• [Assignment]
Each line of the data below from the one holding "NetP?#12_8: P?#12.8 P?#13.4" to the one holding "NetP?#12_18: P?#12.18 P?#13.9", inclusive, is to be reproduced exactly; no other line belongs in the answer.

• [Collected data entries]
□ □ □ □ □

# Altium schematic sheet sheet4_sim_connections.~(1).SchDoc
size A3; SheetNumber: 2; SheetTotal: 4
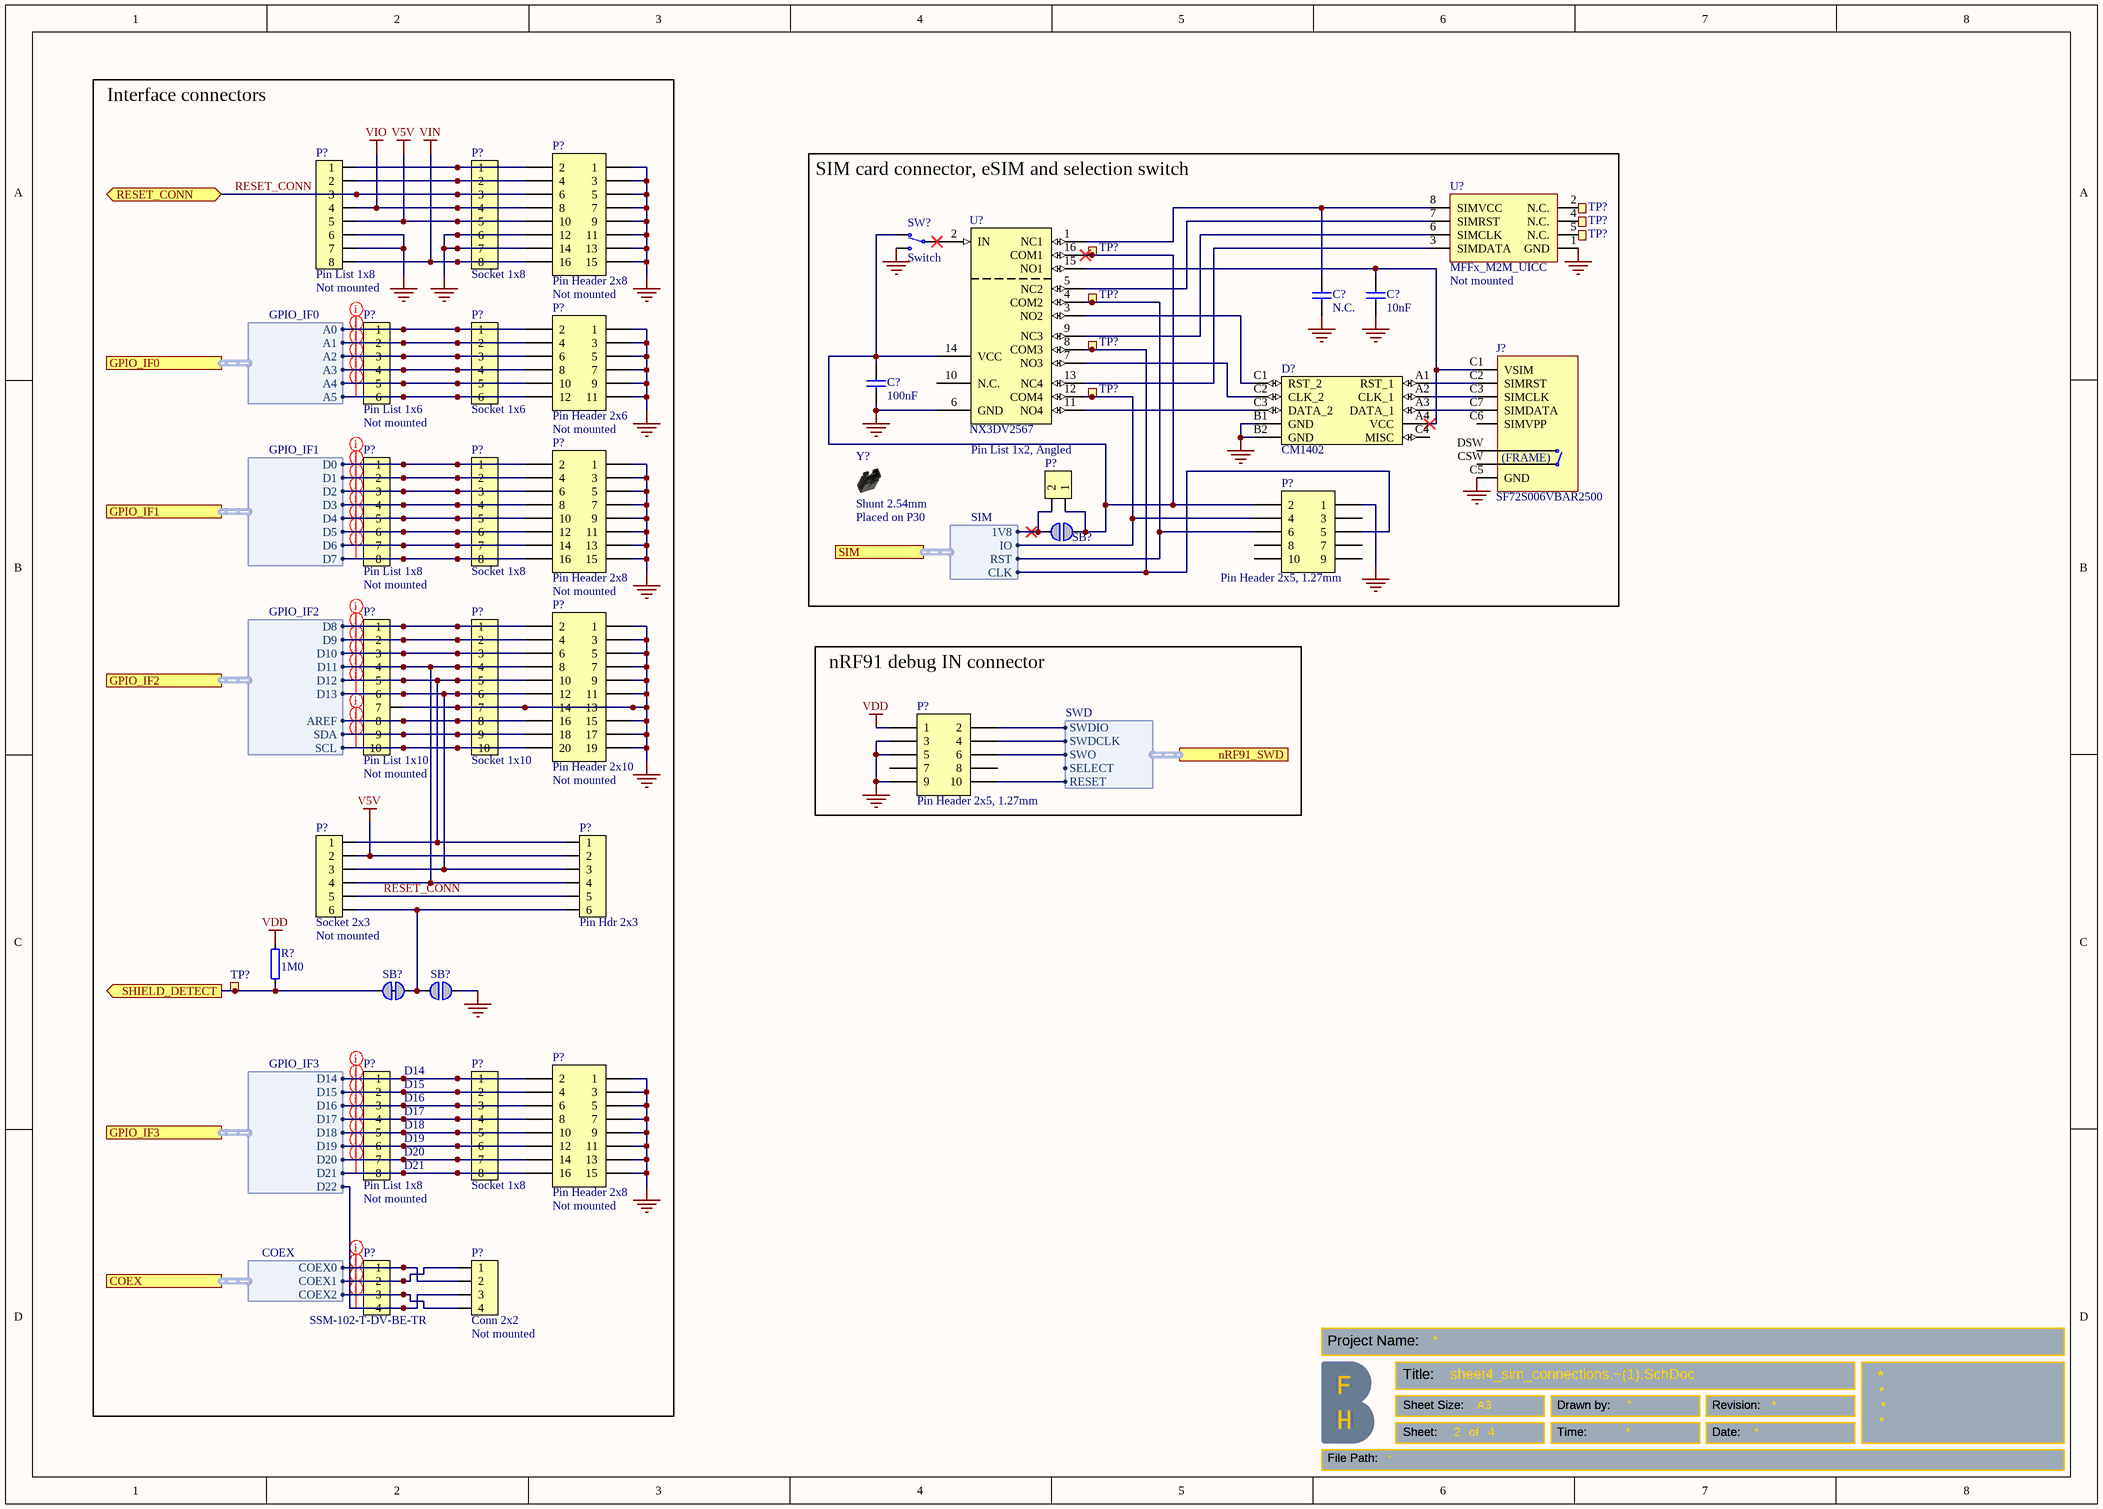
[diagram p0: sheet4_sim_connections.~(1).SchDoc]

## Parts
(Parts that share a designator on the sheet are numbered #1, #2 ... from top to bottom, then left to right.)
C?#1  10nF  [CAPC0603X03L_C]
C?#2  N.C.  [CAPC0603X03L_C_NC]
C?#3  100nF  [CAPC0603X03L_C]
D?  CM1402  [CM1402]
J?  SF72S006VBAR2500  [SF72S006VBAR2500]
P?#1  Pin Header 2x8  Assembly: Not mounted  [HDR_2x8-NC]
P?#2  Pin List 1x8  Assembly: Not mounted  [LIST_1x8_SMD-NC]
P?#3  Socket 1x8  [SOCKET_1x8_SMD]
P?#4  Pin Header 2x6  Assembly: Not mounted  [HDR_2x6-NC]
P?#5  Pin List 1x6  Assembly: Not mounted  [LIST_1x6_SMD-NC]
P?#6  Socket 1x6  [SOCKET_1x6_SMD]
P?#7  Pin Header 2x8  Assembly: Not mounted  [HDR_2x8-NC]
P?#8  Pin List 1x8  Assembly: Not mounted  [LIST_1x8_SMD-NC]
P?#9  Socket 1x8  [SOCKET_1x8_SMD]
P?#10  Pin Header 2x5, 1.27mm  [HDR_2x5-SMD-1.27mm]
P?#11  Pin List 1x2, Angled  [LIST_ANG_1x2-SMD-2.54MM]
P?#12  Pin Header 2x10  Assembly: Not mounted  [HDR_2x10-NC]
P?#13  Pin List 1x10  Assembly: Not mounted  [LIST_1x10_SMD-NC]
P?#14  Socket 1x10  [SOCKET_1x10_SMD]
P?#15  Pin Header 2x5, 1.27mm  [HDR_2x5-SMD-1.27mm-K]
P?#16  Socket 2x3  Assembly: Not mounted  [SOCKET_2x3_SMD-2.54mm-bottom-NC]
P?#17  Pin Hdr 2x3  [HDR_2x3-SMD]
P?#18  Pin Header 2x8  Assembly: Not mounted  [HDR_2x8-NC]
P?#19  Pin List 1x8  Assembly: Not mounted  [LIST_1x8_SMD-NC]
P?#20  Socket 1x8  [SOCKET_1x8_SMD]
P?#21  SSM-102-T-DV-BE-TR  [SSM-102-T-DV-BE-TR]
P?#22  Conn 2x2  Assembly: Not mounted  [HDR_2x2-SMD]
R?  1M0  [RESC0603X03L_C]
SB?#1  Solderbridge  [Solderbridge]  (value not drawn)  (no BOM)
SB?#2  Solderbridge  [Solderbridge_Shorted]  (value not drawn)  (net tie, no BOM)
SB?#3  Solderbridge  [Solderbridge]  (value not drawn)  (no BOM)
SW?  Switch  [CJS-120xA]
TP?#1  Ø1.0mm,SMD  [TP_SMD_D1.0mm]  (value not drawn)  (no BOM)
TP?#2  Ø1.0mm,SMD  [TP_SMD_D1.0mm]  (value not drawn)  (no BOM)
TP?#3  Ø1.0mm,SMD  [TP_SMD_D1.0mm]  (value not drawn)  (no BOM)
TP?#4  Ø1.5mm,SMD  [TP_SMD_D1.5mm]  (value not drawn)  (no BOM)
TP?#5  Ø1.5mm,SMD  [TP_SMD_D1.5mm]  (value not drawn)  (no BOM)
TP?#6  Ø1.5mm,SMD  [TP_SMD_D1.5mm]  (value not drawn)  (no BOM)
TP?#7  Ø1.5mm,SMD  [TP_SMD_D1.5mm]  (value not drawn)  (no BOM)
TP?#8  Ø1.5mm,SMD  [TP_SMD_D1.5mm]  (value not drawn)  (no BOM)
U?#1  MFFx_M2M_UICC  Assembly: Not mounted  [SON127P600X90_HS-8N]
U?#2  NX3DV2567  [XQFN40P180X260X50-16N]
Y?  Shunt 2.54mm  Assembly: Placed on P30  [Shunt_2.54mm_Horizontal]

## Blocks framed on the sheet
Interface connectors: P?#1-P?#9 P?#12-P?#14 P?#16-P?#22 R? SB?#2 SB?#3 TP?#8
SIM card connector, eSIM and selection switch: C?#1-C?#3 D? J? P?#10 P?#11 SB?#1 SW? TP?#1-TP?#7 U?#1 U?#2 Y?
nRF91 debug IN connector: P?#15

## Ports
COEX (harness COEX), GPIO_IF0 (harness GPIO_IF0), GPIO_IF1 (harness GPIO_IF1), GPIO_IF2 (harness GPIO_IF2), GPIO_IF3 (harness GPIO_IF3), nRF91_SWD (harness SWD, see sheet1_connections[3A]), RESET_CONN (bidir), SHIELD_DETECT (out), SIM (harness SIM, see sheet1_connections[3A])

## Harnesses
SWD: SWDIO, SWDCLK, SWO, RESET, SELECT
GPIO_IF0: A0, A1, A2, A3, A4, A5
GPIO_IF1: D0, D1, D2, D3, D4, D5, D6, D7
GPIO_IF2: D8, D9, D10, D11, D12, D13, AREF, SDA, SCL
GPIO_IF3: D14, D15, D16, D17, D18, D19, D20, D21, D22
COEX: COEX0, COEX2, COEX1
SIM: CLK, IO, 1V8, RST

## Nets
GND: C?#1.2 C?#2.1 C?#3.1 D?.B1(GND) D?.B2(GND) J?.0(GND) J?.C5(GND) P?#1.1 P?#1.3 P?#1.5 P?#1.7 P?#1.9 P?#1.11 P?#1.12 P?#1.13 P?#1.14 P?#1.15 P?#2.6 P?#2.7 P?#3.6 P?#3.7 P?#4.1 P?#4.3 P?#4.5 P?#4.7 P?#4.9 P?#4.11 P?#7.1 P?#7.3 P?#7.5 P?#7.7 P?#7.9 P?#7.11 P?#7.13 P?#7.15 P?#10.1 P?#12.1 P?#12.3 P?#12.5 P?#12.7 P?#12.9 P?#12.11 P?#12.13 P?#12.14 P?#12.15 P?#12.17 P?#12.19 P?#13.7 P?#14.7 P?#15.3 P?#15.5 P?#15.9 P?#18.1 P?#18.3 P?#18.5 P?#18.7 P?#18.9 P?#18.11 P?#18.13 P?#18.15 SB?#3.1 SW?.3(N.O) U?#1.1(GND) U?#2.6(GND)
V5V: P?#1.10 P?#2.5 P?#3.5 P?#16.2 P?#17.2
VDD: P?#15.1 R?.2
VIN: P?#1.16 P?#2.8 P?#3.8
VIO: P?#1.8 P?#2.4 P?#3.4
RESET_CONN: P?#1.6 P?#2.3 P?#3.3 P?#16.5 P?#17.5 ; port RESET_CONN
SHIELD_DETECT: R?.1 SB?#2.2 TP?#8.1 ; port SHIELD_DETECT
NetC?#1_1: C?#1.1 D?.A4(VCC) J?.C1(VSIM) U?#2.15(NO1)
NetC?#2_2: C?#2.2 U?#1.8(SIMVCC) U?#2.1(NC1)
NetC?#3_2: C?#3.2 P?#10.2 P?#11.1 SB?#1.2 SW?.1(N.C) TP?#4.1 U?#2.14(VCC) U?#2.16(COM1)
NetD?_A1: D?.A1(RST_1) J?.C2(SIMRST)
NetD?_A2: D?.A2(CLK_1) J?.C3(SIMCLK)
NetD?_A3: D?.A3(DATA_1) J?.C7(SIMDATA)
NetD?_C1: D?.C1(RST_2) U?#2.3(NO2)
NetD?_C2: D?.C2(CLK_2) U?#2.7(NO3)
NetD?_C3: D?.C3(DATA_2) U?#2.11(NO4)
NetP?#1_2: P?#1.2 P?#2.1 P?#3.1
NetP?#1_4: P?#1.4 P?#2.2 P?#3.2
NetP?#4_2: P?#4.2 P?#5.1 P?#6.1 ; port GPIO_IF0.A0
NetP?#4_4: P?#4.4 P?#5.2 P?#6.2 ; port GPIO_IF0.A1
NetP?#4_6: P?#4.6 P?#5.3 P?#6.3 ; port GPIO_IF0.A2
NetP?#4_8: P?#4.8 P?#5.4 P?#6.4 ; port GPIO_IF0.A3
NetP?#4_10: P?#4.10 P?#5.5 P?#6.5 ; port GPIO_IF0.A4
NetP?#4_12: P?#4.12 P?#5.6 P?#6.6 ; port GPIO_IF0.A5
NetP?#7_2: P?#7.2 P?#8.1 P?#9.1 ; port GPIO_IF1.D0
NetP?#7_4: P?#7.4 P?#8.2 P?#9.2 ; port GPIO_IF1.D1
NetP?#7_6: P?#7.6 P?#8.3 P?#9.3 ; port GPIO_IF1.D2
NetP?#7_8: P?#7.8 P?#8.4 P?#9.4 ; port GPIO_IF1.D3
NetP?#7_10: P?#7.10 P?#8.5 P?#9.5 ; port GPIO_IF1.D4
NetP?#7_12: P?#7.12 P?#8.6 P?#9.6 ; port GPIO_IF1.D5
NetP?#7_14: P?#7.14 P?#8.7 P?#9.7 ; port GPIO_IF1.D6
NetP?#7_16: P?#7.16 P?#8.8 P?#9.8 ; port GPIO_IF1.D7
NetP?#10_4: P?#10.4 TP?#7.1 U?#2.12(COM4) ; port SIM.IO
NetP?#10_5: P?#10.5 TP?#6.1 U?#2.8(COM3) ; port SIM.CLK
NetP?#10_6: P?#10.6 TP?#5.1 U?#2.4(COM2) ; port SIM.RST
NetP?#11_2: P?#11.2 SB?#1.1 ; port SIM.1V8
NetP?#12_2: P?#12.2 P?#13.1 P?#14.1 ; port GPIO_IF2.D8
NetP?#12_4: P?#12.4 P?#13.2 P?#14.2 ; port GPIO_IF2.D9
NetP?#12_6: P?#12.6 P?#13.3 P?#14.3 ; port GPIO_IF2.D10
NetP?#12_8: P?#12.8 P?#13.4 P?#14.4 P?#16.4 P?#17.4 ; port GPIO_IF2.D11
NetP?#12_10: P?#12.10 P?#13.5 P?#14.5 P?#16.1 P?#17.1 ; port GPIO_IF2.D12
NetP?#12_12: P?#12.12 P?#13.6 P?#14.6 P?#16.3 P?#17.3 ; port GPIO_IF2.D13
NetP?#12_16: P?#12.16 P?#13.8 P?#14.8 ; port GPIO_IF2.AREF
NetP?#12_18: P?#12.18 P?#13.9 P?#14.9 ; port GPIO_IF2.SDA
NetP?#12_20: P?#12.20 P?#13.10 P?#14.10 ; port GPIO_IF2.SCL
NetP?#15_2: P?#15.2 ; port nRF91_SWD.SWDIO
NetP?#15_4: P?#15.4 ; port nRF91_SWD.SWDCLK
NetP?#15_6: P?#15.6 ; port nRF91_SWD.SWO
NetP?#15_10: P?#15.10 ; port nRF91_SWD.RESET
NetP?#16_6: P?#16.6 P?#17.6 SB?#2.1 SB?#3.2
NetP?#18_2: P?#18.2 P?#19.1 P?#20.1 ; port GPIO_IF3.D14
NetP?#18_4: P?#18.4 P?#19.2 P?#20.2 ; port GPIO_IF3.D15
NetP?#18_6: P?#18.6 P?#19.3 P?#20.3 ; port GPIO_IF3.D16
NetP?#18_8: P?#18.8 P?#19.4 P?#20.4 ; port GPIO_IF3.D17
NetP?#18_10: P?#18.10 P?#19.5 P?#20.5 ; port GPIO_IF3.D18
NetP?#18_12: P?#18.12 P?#19.6 P?#20.6 ; port GPIO_IF3.D19
NetP?#18_14: P?#18.14 P?#19.7 P?#20.7 ; port GPIO_IF3.D20
NetP?#18_16: P?#18.16 P?#19.8 P?#20.8 ; port GPIO_IF3.D21
NetP?#21_1: P?#21.1 P?#22.2 ; port COEX.COEX0
NetP?#21_2: P?#21.2 P?#22.1 ; port COEX.COEX1
NetP?#21_3: P?#21.3 P?#22.4 ; port COEX.COEX2
NetP?#21_4: P?#21.4 P?#22.3 ; port GPIO_IF3.D22
NetSW?_2: SW?.2(COM) U?#2.2(IN)
NetTP?#1_1: TP?#1.1 U?#1.2(N.C.)
NetTP?#2_1: TP?#2.1 U?#1.4(N.C.)
NetTP?#3_1: TP?#3.1 U?#1.5(N.C.)
NetU?#1_3: U?#1.3(SIMDATA) U?#2.13(NC4)
NetU?#1_6: U?#1.6(SIMCLK) U?#2.9(NC3)
NetU?#1_7: U?#1.7(SIMRST) U?#2.5(NC2)

Not connected (* = marked no-connect by the designer): D? C4(MISC); J? C6(SIMVPP) CSW DSW; P?#10 3 7 8 9 10; P?#15 7 8; U?#2 10(N.C.)

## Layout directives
net class GPIO: NetP?#4_2, NetP?#4_4, NetP?#4_6, NetP?#4_8, NetP?#4_10, NetP?#4_12, NetP?#7_2, NetP?#7_4, NetP?#7_6, NetP?#7_8, NetP?#7_10, NetP?#7_12, NetP?#7_14, NetP?#7_16, NetP?#12_2, NetP?#12_4, NetP?#12_6, NetP?#12_8, NetP?#12_10, NetP?#12_12, NetP?#12_16, NetP?#12_18, NetP?#12_20, NetP?#18_2, NetP?#18_4, NetP?#18_6, NetP?#18_8, NetP?#18_10, NetP?#18_12, NetP?#18_14, NetP?#18_16, NetP?#21_1, NetP?#21_2, NetP?#21_3, NetP?#21_4

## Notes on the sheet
- (near P?#19) D14
- (near P?#19) D15
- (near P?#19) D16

□ □ □ □ □

• [Answer]
NetP?#12_8: P?#12.8 P?#13.4 P?#14.4 P?#16.4 P?#17.4 ; port GPIO_IF2.D11
NetP?#12_10: P?#12.10 P?#13.5 P?#14.5 P?#16.1 P?#17.1 ; port GPIO_IF2.D12
NetP?#12_12: P?#12.12 P?#13.6 P?#14.6 P?#16.3 P?#17.3 ; port GPIO_IF2.D13
NetP?#12_16: P?#12.16 P?#13.8 P?#14.8 ; port GPIO_IF2.AREF
NetP?#12_18: P?#12.18 P?#13.9 P?#14.9 ; port GPIO_IF2.SDA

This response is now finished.